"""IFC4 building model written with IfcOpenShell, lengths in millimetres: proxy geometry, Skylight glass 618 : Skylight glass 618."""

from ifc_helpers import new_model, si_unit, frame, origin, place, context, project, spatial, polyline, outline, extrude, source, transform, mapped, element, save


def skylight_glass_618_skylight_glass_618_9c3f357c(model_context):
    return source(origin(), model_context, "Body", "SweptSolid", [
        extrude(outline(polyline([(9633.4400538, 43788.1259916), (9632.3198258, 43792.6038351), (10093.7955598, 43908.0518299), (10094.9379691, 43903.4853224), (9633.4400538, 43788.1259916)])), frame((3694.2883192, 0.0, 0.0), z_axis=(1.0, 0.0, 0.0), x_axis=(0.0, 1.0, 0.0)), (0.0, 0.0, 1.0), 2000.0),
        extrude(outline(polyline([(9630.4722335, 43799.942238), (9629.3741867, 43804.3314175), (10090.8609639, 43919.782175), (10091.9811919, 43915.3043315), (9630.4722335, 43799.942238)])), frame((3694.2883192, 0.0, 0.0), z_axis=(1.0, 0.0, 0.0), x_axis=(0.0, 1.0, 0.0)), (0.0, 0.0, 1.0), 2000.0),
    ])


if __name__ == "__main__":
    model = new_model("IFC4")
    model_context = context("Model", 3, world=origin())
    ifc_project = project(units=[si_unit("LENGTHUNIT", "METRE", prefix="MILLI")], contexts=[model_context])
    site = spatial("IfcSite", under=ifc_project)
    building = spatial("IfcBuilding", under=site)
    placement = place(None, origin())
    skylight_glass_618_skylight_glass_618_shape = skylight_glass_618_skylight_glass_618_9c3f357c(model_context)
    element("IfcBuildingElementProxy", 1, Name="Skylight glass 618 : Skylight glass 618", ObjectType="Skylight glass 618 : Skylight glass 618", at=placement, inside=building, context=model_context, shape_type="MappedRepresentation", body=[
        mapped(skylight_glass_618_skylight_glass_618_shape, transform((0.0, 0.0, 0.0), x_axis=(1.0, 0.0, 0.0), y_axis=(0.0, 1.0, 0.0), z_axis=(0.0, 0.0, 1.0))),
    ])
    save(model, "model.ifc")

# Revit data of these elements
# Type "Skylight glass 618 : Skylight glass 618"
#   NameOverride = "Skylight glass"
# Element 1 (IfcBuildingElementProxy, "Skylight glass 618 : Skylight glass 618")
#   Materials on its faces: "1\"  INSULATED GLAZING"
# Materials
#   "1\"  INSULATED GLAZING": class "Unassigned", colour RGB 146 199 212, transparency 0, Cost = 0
------------------------------------------------------------
=== WHAT YOU ARE ASKED TO DO ===
Word for word, set down every line of the material above.

=== RESPONSE AREA ===
"""IFC4 building model written with IfcOpenShell, lengths in millimetres: proxy geometry, Skylight glass 618 : Skylight glass 618."""

from ifc_helpers import new_model, si_unit, frame, origin, place, context, project, spatial, polyline, outline, extrude, source, transform, mapped, element, save


def skylight_glass_618_skylight_glass_618_9c3f357c(model_context):
    return source(origin(), model_context, "Body", "SweptSolid", [
        extrude(outline(polyline([(9633.4400538, 43788.1259916), (9632.3198258, 43792.6038351), (10093.7955598, 43908.0518299), (10094.9379691, 43903.4853224), (9633.4400538, 43788.1259916)])), frame((3694.2883192, 0.0, 0.0), z_axis=(1.0, 0.0, 0.0), x_axis=(0.0, 1.0, 0.0)), (0.0, 0.0, 1.0), 2000.0),
        extrude(outline(polyline([(9630.4722335, 43799.942238), (9629.3741867, 43804.3314175), (10090.8609639, 43919.782175), (10091.9811919, 43915.3043315), (9630.4722335, 43799.942238)])), frame((3694.2883192, 0.0, 0.0), z_axis=(1.0, 0.0, 0.0), x_axis=(0.0, 1.0, 0.0)), (0.0, 0.0, 1.0), 2000.0),
    ])


if __name__ == "__main__":
    model = new_model("IFC4")
    model_context = context("Model", 3, world=origin())
    ifc_project = project(units=[si_unit("LENGTHUNIT", "METRE", prefix="MILLI")], contexts=[model_context])
    site = spatial("IfcSite", under=ifc_project)
    building = spatial("IfcBuilding", under=site)
    placement = place(None, origin())
    skylight_glass_618_skylight_glass_618_shape = skylight_glass_618_skylight_glass_618_9c3f357c(model_context)
    element("IfcBuildingElementProxy", 1, Name="Skylight glass 618 : Skylight glass 618", ObjectType="Skylight glass 618 : Skylight glass 618", at=placement, inside=building, context=model_context, shape_type="MappedRepresentation", body=[
        mapped(skylight_glass_618_skylight_glass_618_shape, transform((0.0, 0.0, 0.0), x_axis=(1.0, 0.0, 0.0), y_axis=(0.0, 1.0, 0.0), z_axis=(0.0, 0.0, 1.0))),
    ])
    save(model, "model.ifc")

# Revit data of these elements
# Type "Skylight glass 618 : Skylight glass 618"
#   NameOverride = "Skylight glass"
# Element 1 (IfcBuildingElementProxy, "Skylight glass 618 : Skylight glass 618")
#   Materials on its faces: "1\"  INSULATED GLAZING"
# Materials
#   "1\"  INSULATED GLAZING": class "Unassigned", colour RGB 146 199 212, transparency 0, Cost = 0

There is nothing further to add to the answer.